Acaroceratidae Temporal range: Late Cambrian

Scientific classification
- Domain: Eukaryota
- Kingdom: Animalia
- Phylum: Mollusca
- Class: Cephalopoda
- Subclass: Nautiloidea
- Order: †Ellesmerocerida
- Family: †Acaroceratidae Chen et al, 1979
- Genera: See text

= Acaroceratidae =

Extinct family of molluscs

Acaroceratidae is family of Upper Cambrian (Trempealeauan) nautiloid cephalopods included in the Ellesmerocerida that contains two known genera, Acaroceras and Weishanuceras, both found in northern China.

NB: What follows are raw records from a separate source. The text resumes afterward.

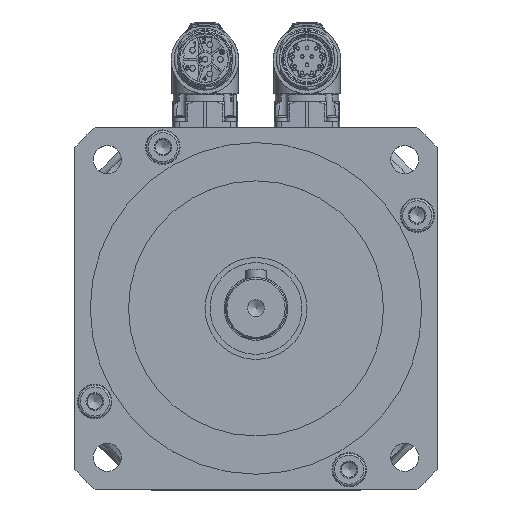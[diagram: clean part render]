
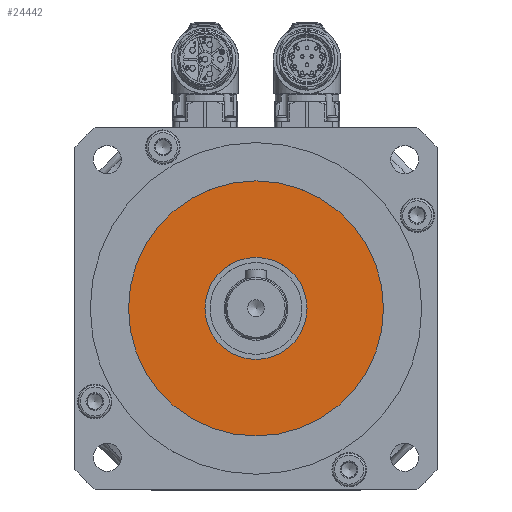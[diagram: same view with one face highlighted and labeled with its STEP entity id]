
A CAD part, top view. The second image highlights one B-rep face of the part: STEP entity #24442.
In plain terms, the highlighted planar face has unit normal (0, 0, 1).
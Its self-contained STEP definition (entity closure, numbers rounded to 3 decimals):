
#5446=PLANE('',#26000);
#5986=FACE_BOUND('',#7997,.T.);
#5987=FACE_BOUND('',#7998,.T.);
#7997=EDGE_LOOP('',(#17093));
#7998=EDGE_LOOP('',(#17094));
#9976=CIRCLE('',#25998,20.);
#9977=CIRCLE('',#26001,50.);
#11132=VERTEX_POINT('',#35106);
#11133=VERTEX_POINT('',#35110);
#13613=EDGE_CURVE('',#11132,#11132,#9976,.T.);
#13614=EDGE_CURVE('',#11133,#11133,#9977,.T.);
#17093=ORIENTED_EDGE('',*,*,#13613,.T.);
#17094=ORIENTED_EDGE('',*,*,#13614,.F.);
#24442=ADVANCED_FACE('',(#5986,#5987),#5446,.T.);
#25998=AXIS2_PLACEMENT_3D('',#35107,#28664,#28665);
#26000=AXIS2_PLACEMENT_3D('',#35109,#28668,#28669);
#26001=AXIS2_PLACEMENT_3D('',#35111,#28670,#28671);
#28664=DIRECTION('center_axis',(0.,0.,-1.));
#28665=DIRECTION('ref_axis',(-1.,0.,0.));
#28668=DIRECTION('center_axis',(0.,0.,1.));
#28669=DIRECTION('ref_axis',(1.,0.,0.));
#28670=DIRECTION('center_axis',(0.,0.,-1.));
#28671=DIRECTION('ref_axis',(-1.,0.,0.));
#35106=CARTESIAN_POINT('',(20.,0.,-0.5));
#35107=CARTESIAN_POINT('Origin',(0.,0.,-0.5));
#35109=CARTESIAN_POINT('Origin',(0.,0.,
-0.5));
#35110=CARTESIAN_POINT('',(50.,0.,-0.5));
#35111=CARTESIAN_POINT('Origin',(0.,0.,-0.5));

Acaroceratidae represent some of the earliest Ellesmeroderida, which have their origin in the Plectronoceratidae, either in Plectronoceras or some related genus. Acaroceras is known from the lower and middle Trempealeauan, upper Yenchou and overlying Wanwankou members of the Fengshan Formation. Weishanuceras is so far limited to the Wanwankou.

The Acaroceratidae are characterized by small, slightly expanded, laterally compressed shells with a slight downward,(endogastric), curvature. Siphuncles are tubular, located along the ventral margin; composed of straight segments.

In general conformation Acaroceras and Weishanuceras are rather similar, but differ in the details of the siphuncle. Acaroceras, the earlier of the two, has a siphuncle composed of short straight septal necks and thin straight connecting rings, and is empty of internal calcareous deposits. Rather thin, slightly concave diaphragms are present in the early, adapical, portion. Weishanuceras, which came later, also has short straight septal necks, but connecting rings are moderately thick as well as straight, and the siphuncle contains internal, ring-like deposits.

Neither of the Acaroceratidae appears to have left any descendants. Early Acaroceras, from the upper Yenchou, are contemporary with later Plectronoceras, early Paraplectronoceras, Hunyuanoceras, and a few others. Later Acaroceras and Weishanuceras are part of the entire suite of early cephalopods that lived during the Late Cambrian. Acaroceras lends its name to the Acaroceras-Sinoceremoceras Zone which is contained by the Wanwankou member of the Fengshan Formation.